In a zero-dimensional energy balance model, if Earth's surface albedo increases (e.g., due to expanding ice cover), what happens to the equilibrium temperature?
AIt increases, because ice reflects energy back into the atmosphere and warms it
BIt decreases, because more incoming solar radiation is reflected away and less energy is absorbed
CIt stays the same, because the model enforces energy balance by definition
DIt increases, because outgoing longwave radiation decreases proportionally
Higher albedo means a greater fraction of incoming solar radiation is reflected rather than absorbed. With less energy input, the equilibrium temperature must decrease for outgoing infrared radiation (which scales as T⁴) to balance the reduced absorbed solar flux. This is the physical basis of the ice-albedo feedback: more ice → higher albedo → lower equilibrium temperature → more ice.
Question 2 True / False
In an energy balance model, achieving 'equilibrium' means Earth's surface temperature is perfectly constant and does not fluctuate over time.
TTrue
FFalse
Answer: False
Equilibrium in an EBM means the long-term average energy input equals the long-term average energy output — not that temperature is instantaneously static. Real climate exhibits year-to-year variability, seasonal cycles, and transient fluctuations even around an equilibrium state. EBMs describe the mean state toward which climate tends, not a moment-by-moment balance.
Question 3 Short Answer
In the zero-dimensional EBM, why is the incoming solar flux divided by 4 when computing Earth's equilibrium temperature?
Think about your answer, then reveal below.
Model answer: Earth intercepts solar radiation as a disk of area πR², but radiates infrared energy from its entire spherical surface of area 4πR². Dividing by 4 spreads the intercepted solar energy over the full surface, giving the effective solar input per unit area as S/4.

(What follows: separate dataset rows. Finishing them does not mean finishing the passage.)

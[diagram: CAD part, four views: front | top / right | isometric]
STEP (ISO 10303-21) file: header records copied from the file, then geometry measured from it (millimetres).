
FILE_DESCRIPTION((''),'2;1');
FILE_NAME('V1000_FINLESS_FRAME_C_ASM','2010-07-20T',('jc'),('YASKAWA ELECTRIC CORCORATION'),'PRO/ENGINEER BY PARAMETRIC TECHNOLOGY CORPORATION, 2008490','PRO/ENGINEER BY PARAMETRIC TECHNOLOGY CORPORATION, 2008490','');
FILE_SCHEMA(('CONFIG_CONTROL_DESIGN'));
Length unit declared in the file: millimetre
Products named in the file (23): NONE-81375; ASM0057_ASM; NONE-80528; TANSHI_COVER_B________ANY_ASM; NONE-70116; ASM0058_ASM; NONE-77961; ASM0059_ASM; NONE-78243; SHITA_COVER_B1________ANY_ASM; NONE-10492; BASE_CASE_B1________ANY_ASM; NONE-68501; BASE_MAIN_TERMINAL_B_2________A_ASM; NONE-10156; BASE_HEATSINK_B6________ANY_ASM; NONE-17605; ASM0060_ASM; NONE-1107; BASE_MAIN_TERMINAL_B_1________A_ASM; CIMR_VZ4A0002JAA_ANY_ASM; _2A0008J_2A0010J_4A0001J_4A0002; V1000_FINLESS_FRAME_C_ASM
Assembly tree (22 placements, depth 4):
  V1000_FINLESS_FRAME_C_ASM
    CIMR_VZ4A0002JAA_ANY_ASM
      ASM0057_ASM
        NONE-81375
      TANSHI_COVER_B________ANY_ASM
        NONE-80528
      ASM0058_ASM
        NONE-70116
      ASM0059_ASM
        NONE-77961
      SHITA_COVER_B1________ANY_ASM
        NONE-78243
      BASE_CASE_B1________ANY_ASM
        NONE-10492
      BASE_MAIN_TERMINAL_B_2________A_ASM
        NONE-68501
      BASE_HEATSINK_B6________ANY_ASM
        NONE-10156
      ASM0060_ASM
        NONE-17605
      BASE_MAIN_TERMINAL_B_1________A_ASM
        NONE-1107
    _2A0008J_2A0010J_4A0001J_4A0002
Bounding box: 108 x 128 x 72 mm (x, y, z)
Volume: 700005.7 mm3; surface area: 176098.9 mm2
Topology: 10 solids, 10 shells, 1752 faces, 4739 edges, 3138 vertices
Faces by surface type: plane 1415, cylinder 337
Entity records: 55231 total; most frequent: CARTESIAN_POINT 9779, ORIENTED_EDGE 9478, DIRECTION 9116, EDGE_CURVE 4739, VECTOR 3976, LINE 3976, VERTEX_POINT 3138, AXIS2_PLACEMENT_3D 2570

The solar constant S (watts per square meter) is measured at Earth's orbital distance facing the Sun. To find the energy absorbed per unit of Earth's surface, you must account for the geometry: only the cross-section (πR²) faces the Sun, but the whole sphere (4πR²) radiates. The ratio 4πR²/πR² = 4 is where the factor comes from. Without this, you would compute an equilibrium temperature much too high.